Kubu Raya, BerkatnewsTV. Pemkab Kubu Raya memastikan tetap akan menindak lanjuti berbagai rekomendasi BPK RI terhadap laporan keuangan tahun anggaran 2020 lalu.

Kepastian itu disampaikan Wakil Bupati Kubu Raya Sujiwo dihadapan anggota DPRD Kubu Raya saat rapat paripurna Pandangan Umum Fraksi-Fraksi DPRD Kubu Raya atas pidato Bupati terhadap Raperda Pertanggungjawaban pelaksanaan APBD TA 2020, Senin (14/6).

Disebutkan Sujiwo hasil pemeriksaan BPK-RI atas laporan keuangan Tahun 2020 tersebut antara lain berkaitan dengan pengelolaan pendapatan, piutang, aset dan penganggaran.

“Tetap ditindak lanjut namun memerlukan waktu akan dilaksanakan secara bertahap,” janjinya.

Menanggai beberapa PU Fraksi DPRD, Sujiwo katakan akan dijawab secara umum yang kemudian dibahas bersama.

“Pertanyaan dan tanggapan yang disampaikan fraksi-fraksi akan kami jawab secara umum, dan untuk pembahasan lebih rinci kiranya dapat dilakukan antara legislatif dengan eksekutif,” ujarnya.

Baca Juga:

Salah satunya disebutkan Sujiwo berkaitan pendapatan daerah. Dimana pada prinsipnya terus dilakukan melalui berbagai upaya. Seperti upaya menjangkau seluruh masyarakat Kabupaten Kubu Raya.
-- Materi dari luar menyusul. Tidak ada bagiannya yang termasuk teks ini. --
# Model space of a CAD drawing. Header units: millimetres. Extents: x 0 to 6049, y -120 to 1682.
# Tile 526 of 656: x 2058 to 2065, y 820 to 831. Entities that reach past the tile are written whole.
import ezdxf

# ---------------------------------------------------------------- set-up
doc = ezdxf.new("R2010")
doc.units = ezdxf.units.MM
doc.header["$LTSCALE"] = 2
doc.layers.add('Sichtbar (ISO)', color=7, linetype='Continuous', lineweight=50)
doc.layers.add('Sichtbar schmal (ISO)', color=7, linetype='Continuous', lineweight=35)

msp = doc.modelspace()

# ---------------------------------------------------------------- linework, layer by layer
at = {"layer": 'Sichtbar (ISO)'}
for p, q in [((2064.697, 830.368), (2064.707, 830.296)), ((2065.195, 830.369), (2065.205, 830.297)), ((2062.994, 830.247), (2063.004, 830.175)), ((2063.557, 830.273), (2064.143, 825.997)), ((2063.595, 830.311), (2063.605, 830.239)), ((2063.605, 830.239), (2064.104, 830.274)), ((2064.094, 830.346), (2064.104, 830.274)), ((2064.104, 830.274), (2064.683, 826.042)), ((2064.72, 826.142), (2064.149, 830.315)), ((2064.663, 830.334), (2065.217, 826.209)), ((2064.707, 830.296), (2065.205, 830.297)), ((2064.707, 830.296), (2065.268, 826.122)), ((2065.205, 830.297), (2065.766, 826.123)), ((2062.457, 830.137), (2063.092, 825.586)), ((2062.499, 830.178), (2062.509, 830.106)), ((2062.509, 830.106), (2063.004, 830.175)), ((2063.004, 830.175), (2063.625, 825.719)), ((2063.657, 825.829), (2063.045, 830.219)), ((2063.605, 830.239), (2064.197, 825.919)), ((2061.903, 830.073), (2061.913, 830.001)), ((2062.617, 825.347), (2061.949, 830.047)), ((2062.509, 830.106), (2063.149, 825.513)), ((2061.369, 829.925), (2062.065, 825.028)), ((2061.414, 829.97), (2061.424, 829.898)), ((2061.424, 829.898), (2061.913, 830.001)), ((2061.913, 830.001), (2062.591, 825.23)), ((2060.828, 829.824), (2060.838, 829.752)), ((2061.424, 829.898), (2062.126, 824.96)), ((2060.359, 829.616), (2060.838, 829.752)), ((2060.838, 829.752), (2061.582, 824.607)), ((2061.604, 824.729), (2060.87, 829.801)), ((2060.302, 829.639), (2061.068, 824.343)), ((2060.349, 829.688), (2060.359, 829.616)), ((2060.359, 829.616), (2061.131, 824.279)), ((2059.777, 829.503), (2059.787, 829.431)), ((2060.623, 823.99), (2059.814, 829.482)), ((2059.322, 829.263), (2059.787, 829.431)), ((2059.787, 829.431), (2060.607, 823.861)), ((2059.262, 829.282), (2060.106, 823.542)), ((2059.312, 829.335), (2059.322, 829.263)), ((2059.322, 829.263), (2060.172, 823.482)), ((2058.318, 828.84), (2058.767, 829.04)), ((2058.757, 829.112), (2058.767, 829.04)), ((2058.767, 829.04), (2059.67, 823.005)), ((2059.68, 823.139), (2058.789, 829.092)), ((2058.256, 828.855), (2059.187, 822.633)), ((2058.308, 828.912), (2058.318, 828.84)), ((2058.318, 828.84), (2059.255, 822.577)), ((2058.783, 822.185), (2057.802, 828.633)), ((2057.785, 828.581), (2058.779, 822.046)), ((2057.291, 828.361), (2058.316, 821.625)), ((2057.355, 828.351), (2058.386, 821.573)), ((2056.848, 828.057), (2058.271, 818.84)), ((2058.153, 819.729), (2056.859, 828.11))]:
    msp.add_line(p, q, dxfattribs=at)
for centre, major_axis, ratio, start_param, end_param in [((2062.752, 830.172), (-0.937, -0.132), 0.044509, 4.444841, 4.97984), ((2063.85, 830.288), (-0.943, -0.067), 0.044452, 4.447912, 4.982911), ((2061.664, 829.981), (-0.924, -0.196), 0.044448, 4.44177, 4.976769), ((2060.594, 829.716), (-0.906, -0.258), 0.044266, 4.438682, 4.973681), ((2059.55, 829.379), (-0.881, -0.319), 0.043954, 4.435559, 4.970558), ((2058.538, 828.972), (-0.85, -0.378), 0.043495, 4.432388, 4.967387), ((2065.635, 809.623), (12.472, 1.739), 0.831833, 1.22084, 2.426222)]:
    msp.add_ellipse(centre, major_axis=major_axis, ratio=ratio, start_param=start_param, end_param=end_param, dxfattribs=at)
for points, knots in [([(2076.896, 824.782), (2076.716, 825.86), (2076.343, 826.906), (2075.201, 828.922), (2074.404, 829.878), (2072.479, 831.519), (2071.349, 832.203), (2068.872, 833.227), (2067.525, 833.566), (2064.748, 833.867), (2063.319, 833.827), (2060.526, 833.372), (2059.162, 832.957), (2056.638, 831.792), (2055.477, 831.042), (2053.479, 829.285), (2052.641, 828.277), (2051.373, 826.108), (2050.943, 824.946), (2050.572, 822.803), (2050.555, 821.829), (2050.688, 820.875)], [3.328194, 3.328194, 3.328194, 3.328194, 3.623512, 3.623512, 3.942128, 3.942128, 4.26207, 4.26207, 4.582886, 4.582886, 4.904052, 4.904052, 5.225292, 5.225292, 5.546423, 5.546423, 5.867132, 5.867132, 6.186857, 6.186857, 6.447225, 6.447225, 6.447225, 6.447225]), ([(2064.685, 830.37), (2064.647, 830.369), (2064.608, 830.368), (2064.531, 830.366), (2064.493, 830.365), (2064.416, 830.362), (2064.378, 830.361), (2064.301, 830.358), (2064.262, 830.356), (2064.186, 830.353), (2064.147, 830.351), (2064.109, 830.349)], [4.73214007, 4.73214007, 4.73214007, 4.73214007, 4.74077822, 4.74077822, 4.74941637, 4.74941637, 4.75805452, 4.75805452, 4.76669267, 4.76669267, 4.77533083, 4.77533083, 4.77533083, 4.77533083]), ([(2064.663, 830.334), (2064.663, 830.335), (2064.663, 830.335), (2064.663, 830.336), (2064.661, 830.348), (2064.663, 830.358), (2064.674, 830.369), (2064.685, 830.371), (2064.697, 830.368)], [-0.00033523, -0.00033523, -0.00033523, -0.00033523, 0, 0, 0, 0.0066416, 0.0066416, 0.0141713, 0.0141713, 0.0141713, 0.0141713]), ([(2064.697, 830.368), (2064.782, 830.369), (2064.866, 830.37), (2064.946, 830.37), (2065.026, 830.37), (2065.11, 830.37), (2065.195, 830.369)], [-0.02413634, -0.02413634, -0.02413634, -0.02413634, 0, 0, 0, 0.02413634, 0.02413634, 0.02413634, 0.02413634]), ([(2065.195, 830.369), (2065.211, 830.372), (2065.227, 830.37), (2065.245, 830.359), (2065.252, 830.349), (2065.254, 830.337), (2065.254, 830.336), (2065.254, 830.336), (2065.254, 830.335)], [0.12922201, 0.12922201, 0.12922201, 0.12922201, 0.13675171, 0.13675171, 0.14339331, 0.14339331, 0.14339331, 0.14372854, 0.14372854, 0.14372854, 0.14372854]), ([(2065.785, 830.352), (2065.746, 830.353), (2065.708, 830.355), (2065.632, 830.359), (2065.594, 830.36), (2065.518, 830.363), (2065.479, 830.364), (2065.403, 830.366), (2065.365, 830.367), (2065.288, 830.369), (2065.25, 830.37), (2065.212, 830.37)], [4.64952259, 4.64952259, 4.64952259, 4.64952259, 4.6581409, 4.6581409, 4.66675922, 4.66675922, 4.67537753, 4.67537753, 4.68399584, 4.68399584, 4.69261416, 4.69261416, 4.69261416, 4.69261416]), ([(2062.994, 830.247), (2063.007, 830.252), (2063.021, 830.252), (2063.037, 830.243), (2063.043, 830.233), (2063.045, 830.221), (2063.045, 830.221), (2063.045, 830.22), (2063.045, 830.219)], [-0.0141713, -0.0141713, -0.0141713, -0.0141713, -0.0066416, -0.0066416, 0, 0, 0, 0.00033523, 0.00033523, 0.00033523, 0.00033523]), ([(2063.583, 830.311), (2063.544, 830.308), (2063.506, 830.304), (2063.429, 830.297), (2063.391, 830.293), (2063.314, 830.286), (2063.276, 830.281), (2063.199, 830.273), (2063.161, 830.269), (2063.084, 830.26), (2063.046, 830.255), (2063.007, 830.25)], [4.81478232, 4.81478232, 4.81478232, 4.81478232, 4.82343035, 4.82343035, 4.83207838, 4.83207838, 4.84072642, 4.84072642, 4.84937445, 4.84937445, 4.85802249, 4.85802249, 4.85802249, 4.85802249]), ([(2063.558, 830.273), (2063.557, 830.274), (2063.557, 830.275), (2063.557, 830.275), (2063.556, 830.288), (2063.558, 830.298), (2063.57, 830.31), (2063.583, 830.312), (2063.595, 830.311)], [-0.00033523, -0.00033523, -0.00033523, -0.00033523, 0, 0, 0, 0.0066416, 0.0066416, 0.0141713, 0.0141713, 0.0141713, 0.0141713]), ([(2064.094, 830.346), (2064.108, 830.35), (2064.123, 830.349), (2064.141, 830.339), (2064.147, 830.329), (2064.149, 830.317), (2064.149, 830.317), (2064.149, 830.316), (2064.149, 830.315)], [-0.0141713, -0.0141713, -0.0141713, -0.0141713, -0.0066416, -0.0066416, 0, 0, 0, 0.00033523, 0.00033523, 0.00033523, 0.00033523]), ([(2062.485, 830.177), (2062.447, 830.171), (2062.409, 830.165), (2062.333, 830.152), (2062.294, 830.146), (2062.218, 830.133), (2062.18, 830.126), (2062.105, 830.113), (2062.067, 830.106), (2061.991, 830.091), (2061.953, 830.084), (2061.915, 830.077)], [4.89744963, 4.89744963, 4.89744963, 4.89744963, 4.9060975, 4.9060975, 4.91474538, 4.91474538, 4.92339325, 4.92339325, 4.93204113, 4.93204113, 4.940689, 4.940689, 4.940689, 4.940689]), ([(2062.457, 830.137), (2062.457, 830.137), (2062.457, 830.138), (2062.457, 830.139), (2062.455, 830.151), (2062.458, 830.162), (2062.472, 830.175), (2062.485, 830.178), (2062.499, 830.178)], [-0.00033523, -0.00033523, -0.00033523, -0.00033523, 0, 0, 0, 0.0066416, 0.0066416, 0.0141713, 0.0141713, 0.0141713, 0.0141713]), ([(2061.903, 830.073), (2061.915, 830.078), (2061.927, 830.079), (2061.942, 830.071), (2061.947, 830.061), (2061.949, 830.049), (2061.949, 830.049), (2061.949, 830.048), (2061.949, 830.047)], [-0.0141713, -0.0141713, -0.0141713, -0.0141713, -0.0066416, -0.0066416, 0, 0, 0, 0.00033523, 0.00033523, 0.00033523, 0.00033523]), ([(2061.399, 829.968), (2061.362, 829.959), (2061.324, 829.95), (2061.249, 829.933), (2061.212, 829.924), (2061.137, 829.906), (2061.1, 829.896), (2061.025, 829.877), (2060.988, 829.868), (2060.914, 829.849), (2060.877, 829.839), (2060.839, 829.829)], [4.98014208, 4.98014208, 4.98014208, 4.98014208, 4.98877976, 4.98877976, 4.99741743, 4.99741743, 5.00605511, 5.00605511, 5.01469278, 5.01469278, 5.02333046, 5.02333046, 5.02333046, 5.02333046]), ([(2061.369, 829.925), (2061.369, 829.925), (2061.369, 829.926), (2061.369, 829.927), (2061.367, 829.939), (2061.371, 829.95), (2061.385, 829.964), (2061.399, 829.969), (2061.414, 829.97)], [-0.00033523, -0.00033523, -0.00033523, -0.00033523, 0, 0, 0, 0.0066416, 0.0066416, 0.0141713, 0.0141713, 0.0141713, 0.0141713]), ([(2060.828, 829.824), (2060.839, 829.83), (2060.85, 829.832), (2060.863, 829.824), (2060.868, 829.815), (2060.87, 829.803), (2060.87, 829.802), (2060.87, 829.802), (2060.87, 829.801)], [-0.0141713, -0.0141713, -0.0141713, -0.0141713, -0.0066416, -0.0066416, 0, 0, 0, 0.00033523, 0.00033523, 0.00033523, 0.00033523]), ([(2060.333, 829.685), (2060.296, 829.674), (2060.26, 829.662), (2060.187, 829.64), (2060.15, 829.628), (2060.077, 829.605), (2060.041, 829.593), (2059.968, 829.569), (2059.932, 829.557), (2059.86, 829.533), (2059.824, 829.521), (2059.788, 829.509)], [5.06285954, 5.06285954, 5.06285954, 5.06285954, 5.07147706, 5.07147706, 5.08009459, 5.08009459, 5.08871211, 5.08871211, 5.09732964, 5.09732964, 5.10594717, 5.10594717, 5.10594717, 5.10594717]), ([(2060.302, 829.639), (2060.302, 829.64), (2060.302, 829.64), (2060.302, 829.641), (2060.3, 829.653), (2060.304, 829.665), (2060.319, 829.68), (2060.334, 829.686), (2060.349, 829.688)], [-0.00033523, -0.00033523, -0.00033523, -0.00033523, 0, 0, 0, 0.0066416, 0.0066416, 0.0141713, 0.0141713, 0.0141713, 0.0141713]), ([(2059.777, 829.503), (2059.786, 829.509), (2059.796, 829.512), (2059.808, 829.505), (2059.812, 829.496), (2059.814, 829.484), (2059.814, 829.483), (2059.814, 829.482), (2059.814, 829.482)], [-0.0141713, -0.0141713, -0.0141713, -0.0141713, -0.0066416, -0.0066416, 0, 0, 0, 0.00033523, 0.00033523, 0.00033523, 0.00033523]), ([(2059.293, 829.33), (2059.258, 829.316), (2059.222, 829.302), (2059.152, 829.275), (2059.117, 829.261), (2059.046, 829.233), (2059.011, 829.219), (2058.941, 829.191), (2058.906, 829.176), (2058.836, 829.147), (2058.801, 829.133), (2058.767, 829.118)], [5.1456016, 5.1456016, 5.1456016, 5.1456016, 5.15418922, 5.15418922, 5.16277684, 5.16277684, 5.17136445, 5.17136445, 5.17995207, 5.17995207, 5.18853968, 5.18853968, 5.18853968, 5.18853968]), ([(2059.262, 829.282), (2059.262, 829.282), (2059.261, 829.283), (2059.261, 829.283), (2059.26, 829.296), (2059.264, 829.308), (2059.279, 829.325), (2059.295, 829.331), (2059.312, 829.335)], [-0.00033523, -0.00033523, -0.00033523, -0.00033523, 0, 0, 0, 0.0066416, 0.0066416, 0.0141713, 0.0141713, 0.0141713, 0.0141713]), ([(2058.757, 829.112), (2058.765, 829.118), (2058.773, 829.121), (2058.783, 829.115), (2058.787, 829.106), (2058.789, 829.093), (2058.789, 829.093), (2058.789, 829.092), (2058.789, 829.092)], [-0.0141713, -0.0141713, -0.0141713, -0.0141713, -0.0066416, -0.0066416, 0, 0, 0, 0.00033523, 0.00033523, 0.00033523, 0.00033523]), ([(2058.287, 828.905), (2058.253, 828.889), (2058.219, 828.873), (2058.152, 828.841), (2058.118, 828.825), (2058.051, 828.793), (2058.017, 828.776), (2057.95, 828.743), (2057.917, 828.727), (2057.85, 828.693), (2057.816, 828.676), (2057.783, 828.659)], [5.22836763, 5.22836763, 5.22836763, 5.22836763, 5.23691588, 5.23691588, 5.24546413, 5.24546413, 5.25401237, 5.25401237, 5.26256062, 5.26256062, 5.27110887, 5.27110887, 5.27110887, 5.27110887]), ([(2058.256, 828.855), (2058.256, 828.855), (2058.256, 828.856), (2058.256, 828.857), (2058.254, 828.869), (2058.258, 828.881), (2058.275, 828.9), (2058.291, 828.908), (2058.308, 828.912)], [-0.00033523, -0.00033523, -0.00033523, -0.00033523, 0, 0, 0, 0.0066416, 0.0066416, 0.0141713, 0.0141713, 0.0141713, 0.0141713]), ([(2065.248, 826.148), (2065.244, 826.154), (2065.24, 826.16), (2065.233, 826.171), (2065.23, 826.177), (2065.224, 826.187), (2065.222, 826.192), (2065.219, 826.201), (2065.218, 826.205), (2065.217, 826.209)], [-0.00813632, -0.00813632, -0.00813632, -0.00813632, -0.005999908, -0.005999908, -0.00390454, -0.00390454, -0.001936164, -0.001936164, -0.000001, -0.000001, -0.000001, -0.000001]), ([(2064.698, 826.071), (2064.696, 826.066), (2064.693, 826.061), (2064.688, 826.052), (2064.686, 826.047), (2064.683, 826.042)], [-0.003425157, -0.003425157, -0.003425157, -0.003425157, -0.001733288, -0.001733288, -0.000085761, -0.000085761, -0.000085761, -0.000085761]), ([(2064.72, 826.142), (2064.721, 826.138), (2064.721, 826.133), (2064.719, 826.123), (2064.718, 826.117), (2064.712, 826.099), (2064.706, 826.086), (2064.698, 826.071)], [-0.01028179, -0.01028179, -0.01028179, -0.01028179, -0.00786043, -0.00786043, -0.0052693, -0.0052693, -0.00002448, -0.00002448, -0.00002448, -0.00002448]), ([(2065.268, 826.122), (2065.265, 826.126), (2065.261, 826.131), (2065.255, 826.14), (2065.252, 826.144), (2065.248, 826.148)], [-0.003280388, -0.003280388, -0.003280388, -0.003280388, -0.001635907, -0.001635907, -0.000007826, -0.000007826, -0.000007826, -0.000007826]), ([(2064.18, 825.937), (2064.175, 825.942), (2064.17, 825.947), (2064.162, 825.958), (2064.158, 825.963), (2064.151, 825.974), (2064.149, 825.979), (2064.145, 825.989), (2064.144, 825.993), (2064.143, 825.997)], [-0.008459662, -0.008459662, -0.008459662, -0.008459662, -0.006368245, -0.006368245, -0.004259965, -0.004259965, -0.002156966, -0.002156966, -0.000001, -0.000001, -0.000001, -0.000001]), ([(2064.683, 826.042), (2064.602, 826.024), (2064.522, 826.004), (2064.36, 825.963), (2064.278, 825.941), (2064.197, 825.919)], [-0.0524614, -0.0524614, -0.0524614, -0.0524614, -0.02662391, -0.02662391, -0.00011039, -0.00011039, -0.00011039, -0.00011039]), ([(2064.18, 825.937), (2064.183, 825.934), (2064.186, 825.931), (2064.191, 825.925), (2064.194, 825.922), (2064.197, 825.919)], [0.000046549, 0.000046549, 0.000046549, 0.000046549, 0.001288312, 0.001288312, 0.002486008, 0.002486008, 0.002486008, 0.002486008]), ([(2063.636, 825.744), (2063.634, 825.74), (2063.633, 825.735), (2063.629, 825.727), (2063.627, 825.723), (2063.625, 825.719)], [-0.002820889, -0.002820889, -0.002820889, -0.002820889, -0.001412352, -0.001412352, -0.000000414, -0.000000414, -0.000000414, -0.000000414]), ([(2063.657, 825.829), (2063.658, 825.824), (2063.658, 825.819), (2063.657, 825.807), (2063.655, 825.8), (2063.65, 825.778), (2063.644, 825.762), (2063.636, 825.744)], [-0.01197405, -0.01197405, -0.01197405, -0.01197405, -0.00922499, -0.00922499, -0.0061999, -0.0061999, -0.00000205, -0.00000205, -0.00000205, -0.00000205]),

“Termasuk pembangunan infrastruktur yang berkelanjutan merupakan upaya untuk meningkatkan sosial ekonomi masyarakat,” terangnya.

Sementara untuk alokasi sektor pendidikan, Sujiwo memastikan telah dipenuhi sebesar 20 persen yang perhitungannya mengacu pada Peraturan Menteri Dalam Negeri Nomor 33 Tahun 2019 tentang Pedoman Penyusunan APBD Tahun Anggaran 2020. Alokasi tersebut meliputi belanja tidak langsung dan belanja langsung.

Ditambahkan Sujiwo alokasi anggaran di Dinas Pendidikan dan Kebudayaan berupa fisik dan non fisik, seperti peningkatan kompetensi guru, assesment nasional dan pelayanan guru dan tenaga kependidikan.

“Pada prinsipnya, penempatan tenaga kesehatan yang berada di unit pelayanan kesehatan berdasarkan kebutuhan SKPD dan unit SKPD, kompetensi dan ketersediaan tenaga kesehatan, namun jika masih ditemukan ada pegawai yang belum memenuhi kompetensi dalam memberikan pelayanan akan dilakukan pembinaan dan peningkatan,” pungkasnya.(rob)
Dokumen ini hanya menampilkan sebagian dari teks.